My controller came with a 3D sticker...I'm going to put stickers somewhere eventually, possibly under my rear-seat delete cover (whenever the hell I finally build it)


----------



## rizaler32 (Jan 25, 2008)

*Re: --> Haldex Blue Install and Impressions <-- (l88m22vette)*

Thanks for taking the time to review the product. I was contemplating purchasing the big blue for a couple weeks and based on your opinion and advice, I got on the mjm site and forked over the ends. I'll let you know about the installation. Seems like its hit or miss based on the alignment of the replacement. Thanks again though.


----------



## RaveGreen_Dub (Nov 30, 2007)

*Re: --> Haldex Blue Install and Impressions <-- (l88m22vette)*

Sweeeeeeeeeeeeeet


----------



## l88m22vette (Mar 2, 2006)

*Re: --> Haldex Blue Install and Impressions <-- (rizaler32)*

http://****************.com/smile/emthup.gif http://****************.com/smile/emthup.gif 
I plan on updating this thread whenever I do new suspension/handling stuff...I plan on struts and springs sometime this summer, along with a better alignment. I also might put the stock rear ARB back on for the hell of it to see how the car feels with JUST the Haldex.


----------



## mcguijo (Apr 12, 2007)

*Re: (l88m22vette)*

Thanks!


----------



## JettaRed (Aug 14, 2000)

*Re: --> Haldex Blue Install and Impressions <-- (l88m22vette)*

I posted this elsewhere, but since I don't know if it will ever make it to a sticky, I'd post here too.
Installed the Haldex Blue controller today. The install really isn't that bad. Just be prepared to spend about 2 hours to do it right. From the start, be prepared to drop the exhaust from the cat back. That's to remove the heat shield over the rear muffler. That's makes it much easier to unplug the wiring. Also, remove the plastic stone shield covering the gas tank. That gives you a couple more inches to work on getting the controller out. Also, get a small 4mm hex (allen) key. Other than that, take your time.
Been driving it for the last 2.5 hours. As others have said, not much difference during normal driving. However, the car seems faster off the line, boost is smoother (don't know why), and turns are awesome. Why it doesn't come from the factory like this I can't understand!


----------



## fijitt (Mar 1, 2007)

*Re: --> Haldex Blue Install and Impressions <-- (JettaRed)*

im so jealous.


----------



## aka johnny blahzay (Aug 13, 2006)

this is sims......i didnt have to do any of that. you can get to it without dropping the exhaust or removing any guards.


----------



## JettaRed (Aug 14, 2000)

*Re: (aka johnny blahzay)*


_Quote, originally posted by *aka johnny blahzay* »_this is sims......i didnt have to do any of that. you can get to it without dropping the exhaust or removing any guards. 

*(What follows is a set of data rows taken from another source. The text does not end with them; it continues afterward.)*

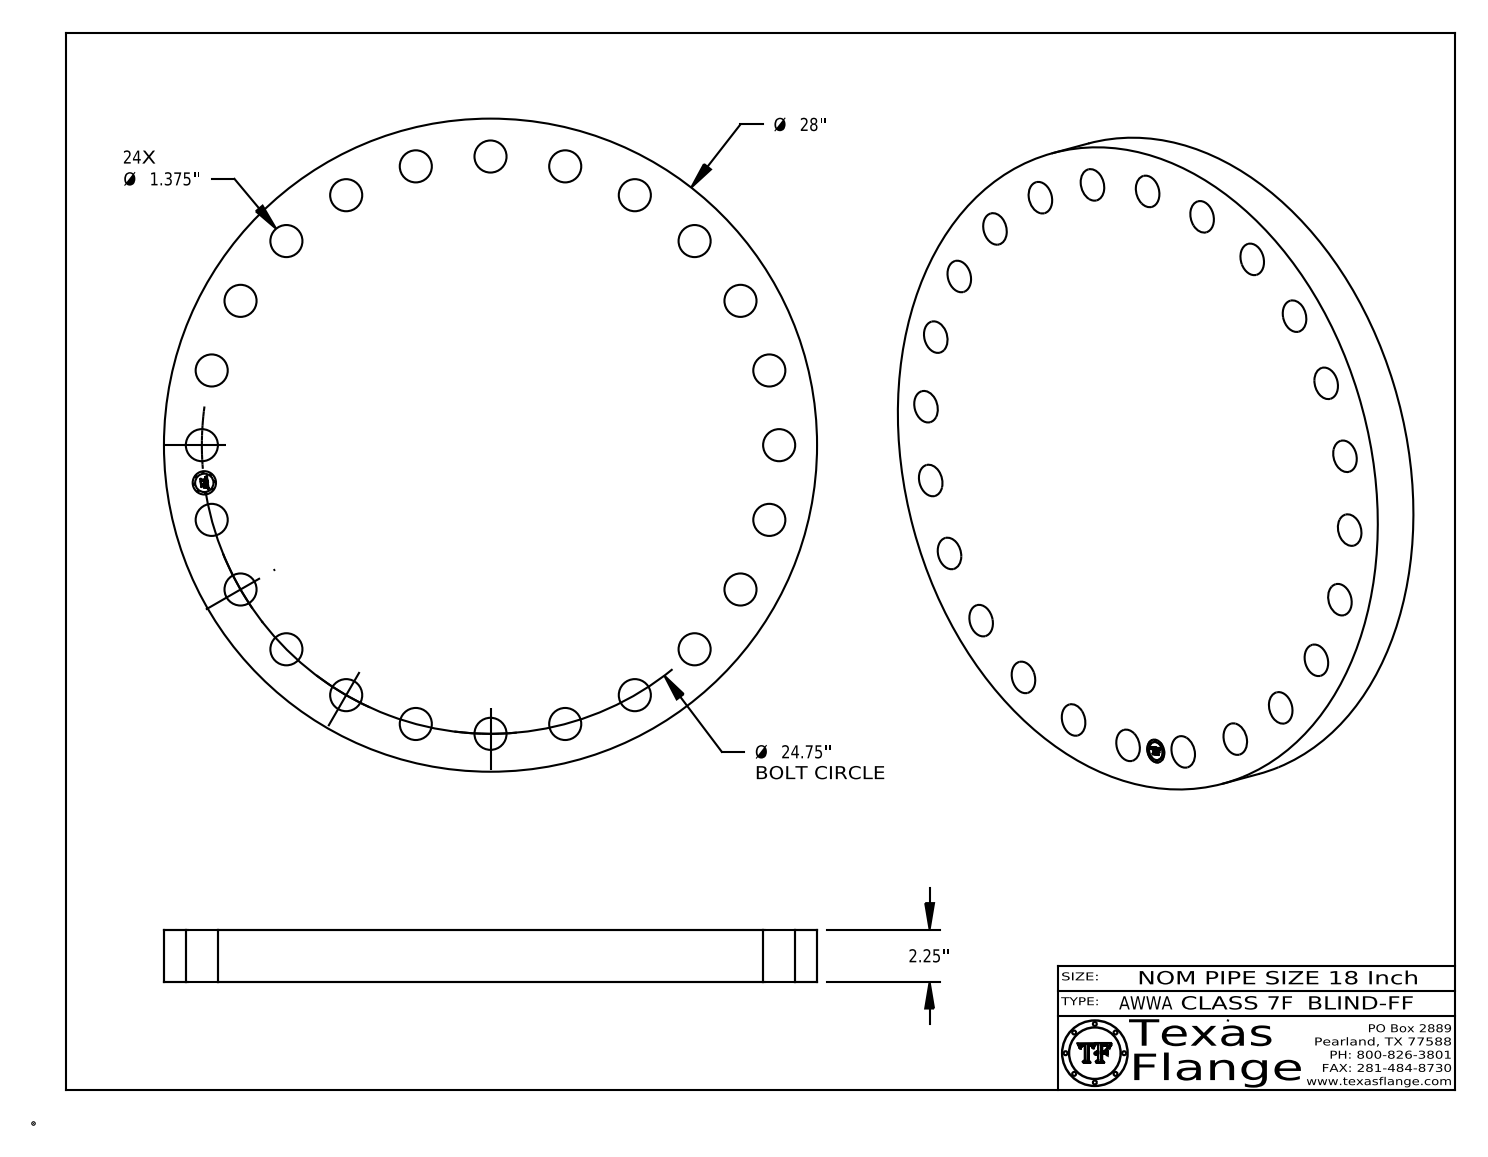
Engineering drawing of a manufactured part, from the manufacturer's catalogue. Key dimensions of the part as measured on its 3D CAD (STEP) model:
Part name (STEP PRODUCT): AWWA Class 7F-BLIND-FF
STEP written by: CATIA V5 STEP AP214 (AUTOMOTIVE_DESIGN)
Units: inches
Bodies: 1 solid, 437 faces (367 planar, 70 cylindrical, 0 other)
Overall size (bounding box): 28 × 28 × 2.25
Volume: 1 305 in³ · Surface area: 1 592 in²
Round holes (diameter × count): ⌀1.375 ×24, ⌀1 ×1
Round bosses / shafts (diameter × count): ⌀0.061 ×8, ⌀28 ×1, ⌀0.788 ×1
Main face-to-face distances: 2.25, 0.015, 2.235, 0.298, 0.292, 0.055, 0.193, 0.248, 0.044, 0.15
Hole centre spacings: 9.471, 12.375, 15.067, 17.501, 21.434, 22.866, 23.906, 3.23
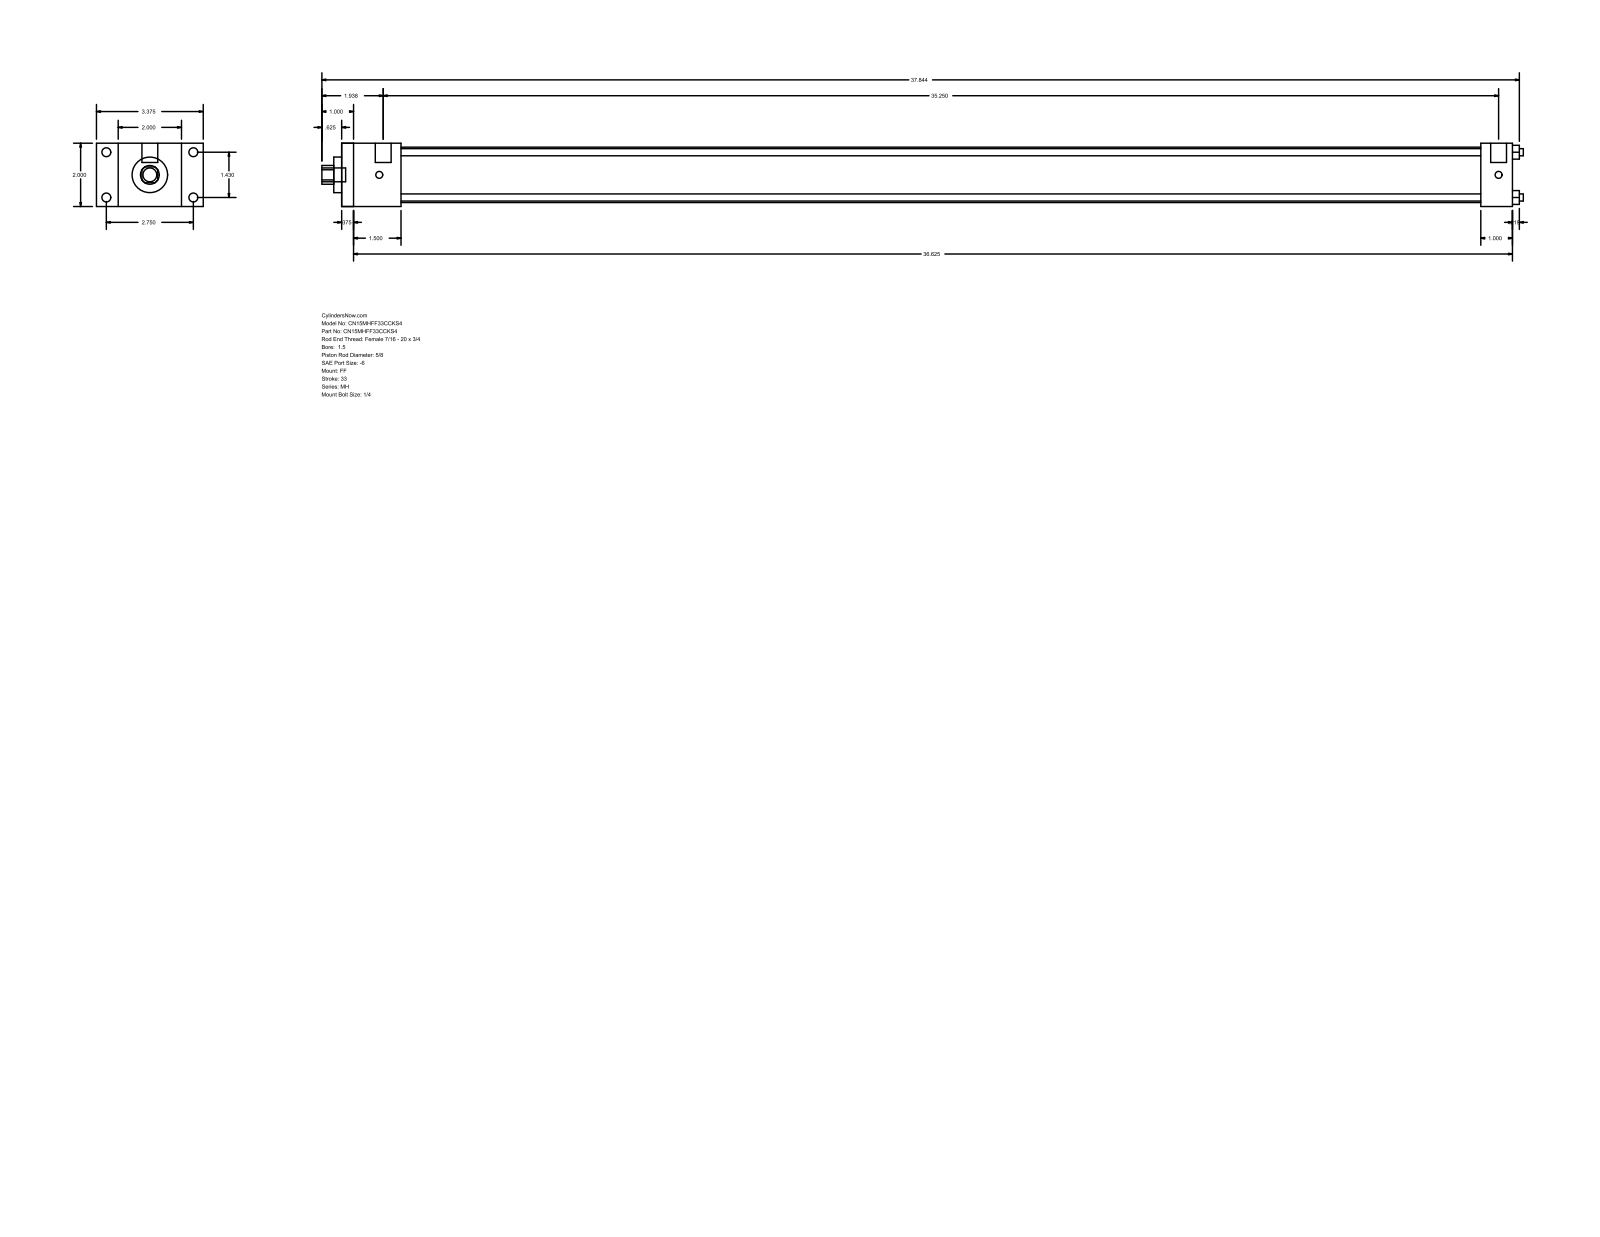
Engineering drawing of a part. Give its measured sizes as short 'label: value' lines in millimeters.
name: MH_FF__0150_0.625
written by: GSSL Pune (CONFIG_CONTROL_DESIGN)
unit: mm
bodies: 0 solids, 92 faces (64 planar, 28 cylindrical, 0 other)
size: 964.41 × 85.72 × 50.8
holes: 4× ⌀5.71, 1× ⌀15.88, 1× ⌀28.57, 1× ⌀44.45
bosses: 4× ⌀7.14, 4× ⌀5.56, 2× ⌀12.7, 1× ⌀11.11
rounds: 1× R7.54
face distances: 50.8, 939.79, 9.52, 930.27, 25.4, 17.46, 68.26, 47.62, 38.1, 892.17
hole spacings: 25.68, 36.32, 51.36
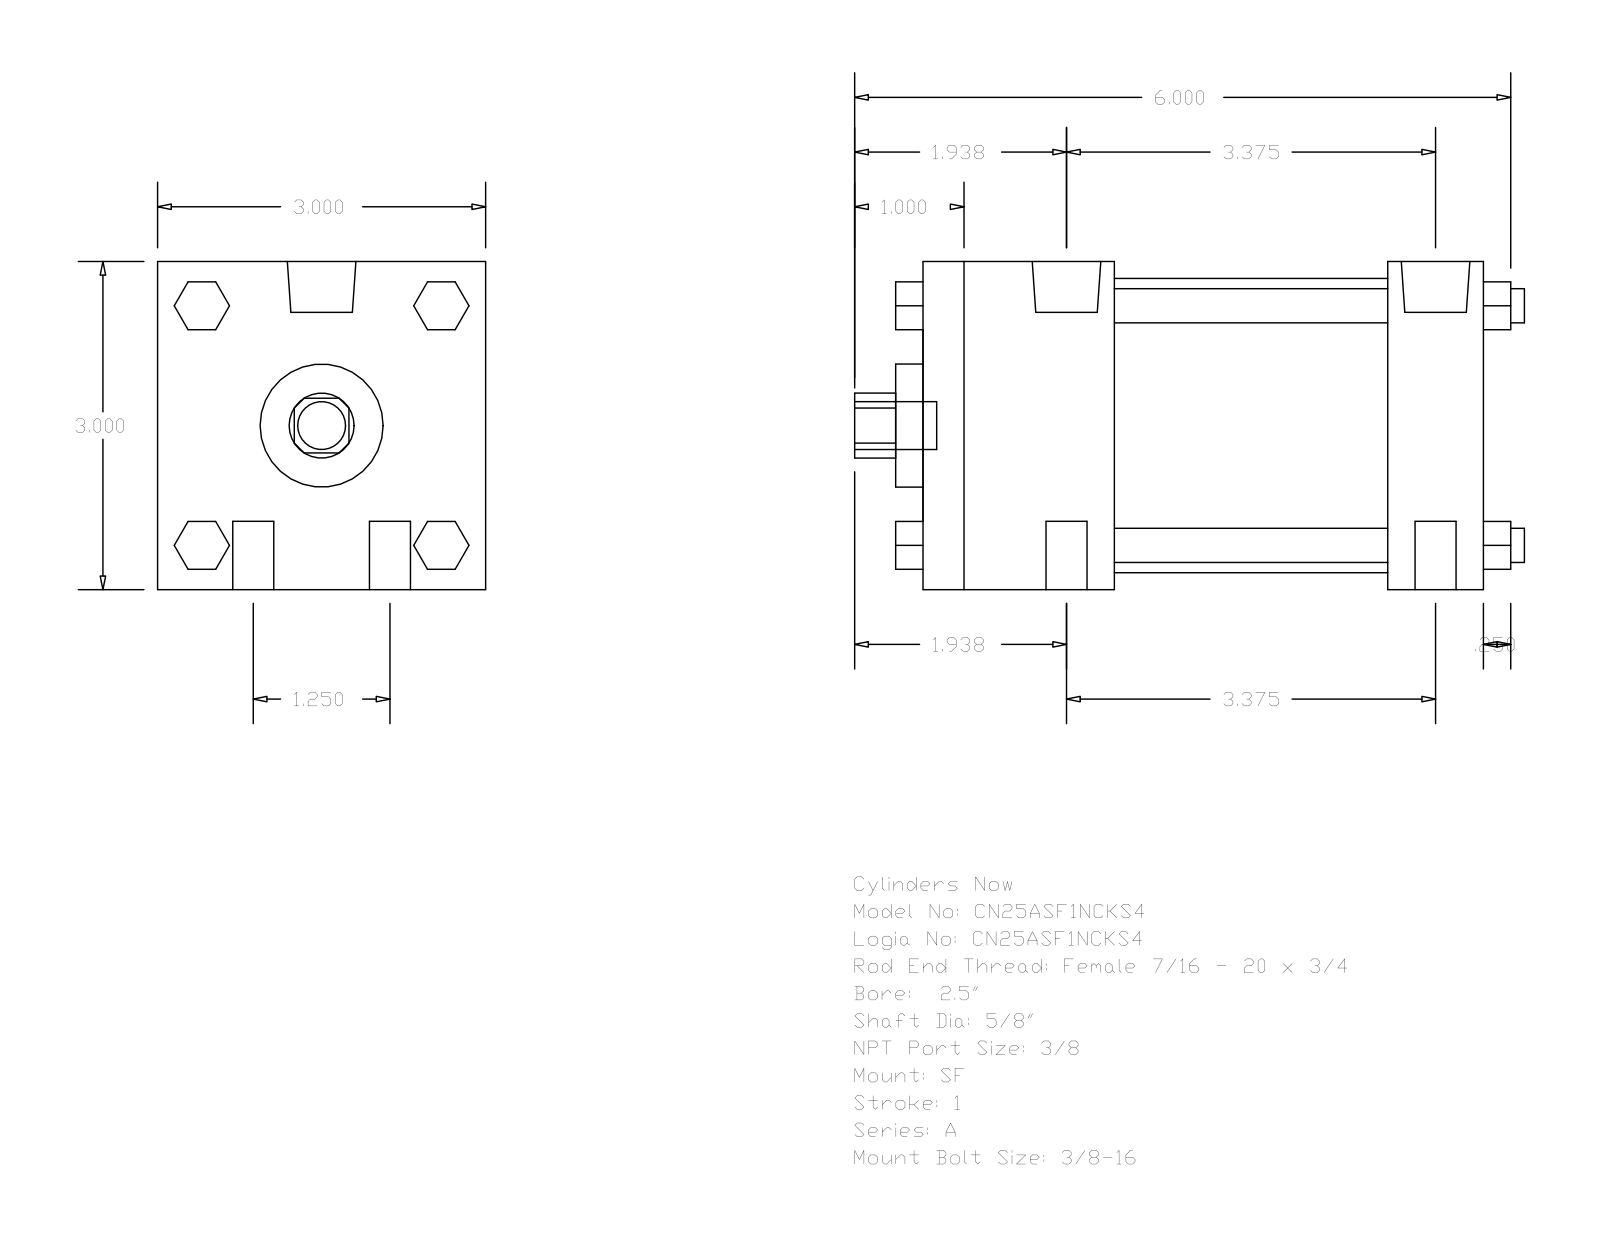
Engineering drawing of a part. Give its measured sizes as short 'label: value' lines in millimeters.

True. But it's easier to get to it with the stuff out of the way.


----------



## JettaRed (Aug 14, 2000)

*Re: (JettaRed)*

Gotta say I love this mod! The real difference is not night and day, but rather I can drive a little more confidently on the back roads. The car always felt a little twitchy before, now it's like glued to the road. Very predictable and controllable.


----------



## M this 1! (May 17, 2000)

*Re: (JettaRed)*

Here's what you need to do next!!!! THIS is even more noticable since you have the blue box
http://forums.audiworld.com/tt/msgs/1730908.phtml


----------



## l88m22vette (Mar 2, 2006)

*Re: (M this 1!)*

Dammit, I'm so jealous, I want that so bad. It's sweet to hear a driving impression, too http://****************.com/smile/emthup.gif Now all you need is a front Quaife, and you'll have more diffs than an Evo







That's in my plans...someday, lol


----------



## Mevans607 (Jan 31, 2008)

*Re: (l88m22vette)*

I know that this question has been beaten to death on Audi forums everywhere...but I'm going to ask it anyway haha. Why would I get the blue Haldex controller over orange? I do track events semi-regularly (about one DE every two to three months) so I feel like orange would be a better option for me. Is there any downside to getting orange instead of blue?


----------



## JettaRed (Aug 14, 2000)

*Re: (Mevans607)*


_Quote, originally posted by *Mevans607* »_I know that this question has been beaten to death on Audi forums everywhere...but I'm going to ask it anyway haha. Why would I get the blue Haldex controller over orange? I do track events semi-regularly (about one DE every two to three months) so I feel like orange would be a better option for me. Is there any downside to getting orange instead of blue?


$$$$$
Blue is cheaper.


----------



## l88m22vette (Mar 2, 2006)

*Re: (Mevans607)*

Blue is arguably better than an Orange for street. You cannot turn a Blue into an Orange; you have to settle or buy both. The MkII TTq and new R32 have a Haldex Gen II switch as on option, with stock, blue, and orange settings in one switchable unit (dash switch). Its so sick, but won't fit our Haldex system


----------



## M this 1! (May 17, 2000)

*Re: (l88m22vette)*

It's raining in L.A. right now. It now doesn't take much throttle AT ALL to step the rear out. I now understand why it didn't come this way from the factory. not all would stay out of ditches.
but it's still really easy to bring back. but this is when it's rainy:
go thru intersection in 2nd. 
roll on gas abit more than needed
rear steps out noticably
turn into slide abit
car goes back in line
feel like hero


----------



## JettaRed (Aug 14, 2000)

*Re: (M this 1!)*

It may be too soon to tell, but it seems I'm actually getting better mileage with the Blue. There may be some logic to that if the front and rear are better balanced, but I really don't know for sure.


----------



## JettaRed (Aug 14, 2000)

*Re: (M this 1!)*


_Quote, originally posted by *M this 1!* »_It's raining in L.A. right now. It now doesn't take much throttle AT ALL to step the rear out. I now understand why it didn't come this way from the factory. not all would stay out of ditches.
but it's still really easy to bring back. but this is when it's rainy:
go thru intersection in 2nd. 
roll on gas abit more than needed
rear steps out noticably
turn into slide abit
car goes back in line
feel like hero


Yeah, but the same thing will happen with an A4 with the Torsen AWD system. And it comes from the factory that way.


----------



## DnA-TT (Oct 21, 2003)

*Re: (JettaRed)*


_Quote, originally posted by *JettaRed* »_It may be too soon to tell, but it seems I'm actually getting better mileage with the Blue. There may be some logic to that if the front and rear are better balanced, but I really don't know for sure.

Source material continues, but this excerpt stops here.